● WHAT YOU SHOULD DO
Every line that contains the word "RDHDSQNK" should be copied from the records below.

Source records:
────────────────────────────────────────

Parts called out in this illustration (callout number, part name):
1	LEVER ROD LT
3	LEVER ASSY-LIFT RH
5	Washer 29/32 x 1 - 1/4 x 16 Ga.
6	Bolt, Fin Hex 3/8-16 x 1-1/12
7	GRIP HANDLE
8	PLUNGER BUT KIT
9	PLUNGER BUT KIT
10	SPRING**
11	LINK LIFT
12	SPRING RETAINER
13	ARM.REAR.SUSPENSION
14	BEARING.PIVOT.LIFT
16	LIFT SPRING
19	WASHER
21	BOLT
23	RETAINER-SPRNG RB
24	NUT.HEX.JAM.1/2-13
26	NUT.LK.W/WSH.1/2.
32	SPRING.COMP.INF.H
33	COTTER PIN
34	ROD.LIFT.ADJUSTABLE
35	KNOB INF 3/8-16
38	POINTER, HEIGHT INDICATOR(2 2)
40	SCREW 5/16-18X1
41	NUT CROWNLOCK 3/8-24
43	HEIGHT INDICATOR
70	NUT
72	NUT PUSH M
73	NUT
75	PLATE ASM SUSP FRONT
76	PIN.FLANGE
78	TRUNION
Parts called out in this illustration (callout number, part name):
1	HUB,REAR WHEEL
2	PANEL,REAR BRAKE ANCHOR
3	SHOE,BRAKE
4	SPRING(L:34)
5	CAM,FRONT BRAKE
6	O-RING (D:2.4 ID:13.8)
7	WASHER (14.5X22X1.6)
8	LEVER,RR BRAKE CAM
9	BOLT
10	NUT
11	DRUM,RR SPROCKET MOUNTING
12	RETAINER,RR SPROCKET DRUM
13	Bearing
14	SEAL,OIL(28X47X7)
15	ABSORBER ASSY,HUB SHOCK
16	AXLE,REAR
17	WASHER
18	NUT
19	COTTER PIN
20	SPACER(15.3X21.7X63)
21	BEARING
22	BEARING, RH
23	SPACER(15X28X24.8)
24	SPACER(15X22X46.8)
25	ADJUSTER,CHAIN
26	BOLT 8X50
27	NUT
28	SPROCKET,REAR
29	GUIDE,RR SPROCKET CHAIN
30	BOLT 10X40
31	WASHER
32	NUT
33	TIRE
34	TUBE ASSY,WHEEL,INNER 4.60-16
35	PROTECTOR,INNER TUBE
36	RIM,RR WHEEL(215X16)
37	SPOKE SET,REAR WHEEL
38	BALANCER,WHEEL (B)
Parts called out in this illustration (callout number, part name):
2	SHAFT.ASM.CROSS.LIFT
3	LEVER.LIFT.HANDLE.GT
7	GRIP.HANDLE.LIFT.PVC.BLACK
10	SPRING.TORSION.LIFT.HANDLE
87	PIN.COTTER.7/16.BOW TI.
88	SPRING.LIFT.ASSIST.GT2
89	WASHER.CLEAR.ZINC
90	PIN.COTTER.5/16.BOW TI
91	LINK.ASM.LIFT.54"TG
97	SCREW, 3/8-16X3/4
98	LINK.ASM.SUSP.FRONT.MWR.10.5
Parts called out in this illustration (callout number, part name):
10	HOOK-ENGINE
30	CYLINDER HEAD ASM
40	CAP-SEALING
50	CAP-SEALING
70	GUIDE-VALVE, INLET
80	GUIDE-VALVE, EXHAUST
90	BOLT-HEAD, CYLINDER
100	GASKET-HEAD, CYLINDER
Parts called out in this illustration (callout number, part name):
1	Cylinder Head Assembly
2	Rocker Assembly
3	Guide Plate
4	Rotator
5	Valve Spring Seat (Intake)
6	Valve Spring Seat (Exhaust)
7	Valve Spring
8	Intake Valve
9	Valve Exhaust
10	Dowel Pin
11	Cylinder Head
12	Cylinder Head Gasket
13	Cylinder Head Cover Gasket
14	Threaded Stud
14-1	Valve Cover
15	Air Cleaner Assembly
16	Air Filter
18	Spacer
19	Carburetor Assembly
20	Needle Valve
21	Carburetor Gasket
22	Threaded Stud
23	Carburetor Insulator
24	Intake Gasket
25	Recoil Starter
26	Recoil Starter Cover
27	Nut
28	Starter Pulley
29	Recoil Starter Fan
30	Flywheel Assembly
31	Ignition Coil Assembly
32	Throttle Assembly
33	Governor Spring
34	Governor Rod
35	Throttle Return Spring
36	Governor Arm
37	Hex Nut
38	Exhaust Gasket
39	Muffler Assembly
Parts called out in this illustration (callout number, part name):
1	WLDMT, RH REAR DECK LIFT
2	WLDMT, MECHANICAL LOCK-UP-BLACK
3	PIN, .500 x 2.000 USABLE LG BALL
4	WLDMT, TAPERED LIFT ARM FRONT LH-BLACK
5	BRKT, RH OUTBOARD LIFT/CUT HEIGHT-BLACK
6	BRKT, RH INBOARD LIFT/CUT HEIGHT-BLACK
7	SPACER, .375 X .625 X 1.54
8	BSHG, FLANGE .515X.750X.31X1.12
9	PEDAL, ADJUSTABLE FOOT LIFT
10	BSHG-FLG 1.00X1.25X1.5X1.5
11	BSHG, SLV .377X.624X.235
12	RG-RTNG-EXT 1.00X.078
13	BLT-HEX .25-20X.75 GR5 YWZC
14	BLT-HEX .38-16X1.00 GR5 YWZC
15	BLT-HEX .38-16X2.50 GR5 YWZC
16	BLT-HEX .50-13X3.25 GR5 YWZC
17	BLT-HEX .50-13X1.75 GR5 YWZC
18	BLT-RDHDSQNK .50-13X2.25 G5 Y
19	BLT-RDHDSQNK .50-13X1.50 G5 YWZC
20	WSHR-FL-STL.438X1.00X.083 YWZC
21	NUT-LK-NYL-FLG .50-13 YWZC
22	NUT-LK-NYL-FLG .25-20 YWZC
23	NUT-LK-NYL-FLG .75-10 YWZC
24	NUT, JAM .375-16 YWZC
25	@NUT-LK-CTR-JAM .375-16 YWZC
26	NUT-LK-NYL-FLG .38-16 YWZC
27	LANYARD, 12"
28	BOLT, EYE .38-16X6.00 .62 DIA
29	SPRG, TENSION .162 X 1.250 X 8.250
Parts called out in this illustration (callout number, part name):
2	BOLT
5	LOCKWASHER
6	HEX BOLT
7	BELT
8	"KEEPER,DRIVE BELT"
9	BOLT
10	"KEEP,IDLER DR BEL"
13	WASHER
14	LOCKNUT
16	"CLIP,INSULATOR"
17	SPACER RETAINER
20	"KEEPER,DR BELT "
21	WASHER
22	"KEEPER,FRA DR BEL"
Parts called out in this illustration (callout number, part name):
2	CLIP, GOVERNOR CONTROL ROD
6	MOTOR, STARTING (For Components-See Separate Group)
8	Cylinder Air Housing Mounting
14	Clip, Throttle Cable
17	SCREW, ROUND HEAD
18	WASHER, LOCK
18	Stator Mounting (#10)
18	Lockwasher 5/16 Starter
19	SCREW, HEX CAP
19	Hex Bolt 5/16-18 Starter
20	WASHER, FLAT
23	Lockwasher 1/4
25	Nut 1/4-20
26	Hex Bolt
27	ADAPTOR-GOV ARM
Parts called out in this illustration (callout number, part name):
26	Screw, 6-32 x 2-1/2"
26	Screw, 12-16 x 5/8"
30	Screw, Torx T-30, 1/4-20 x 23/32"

────────────────────────────────────────

● SOLUTION TO THE EXERCISE
18	BLT-RDHDSQNK .50-13X2.25 G5 Y
19	BLT-RDHDSQNK .50-13X1.50 G5 YWZC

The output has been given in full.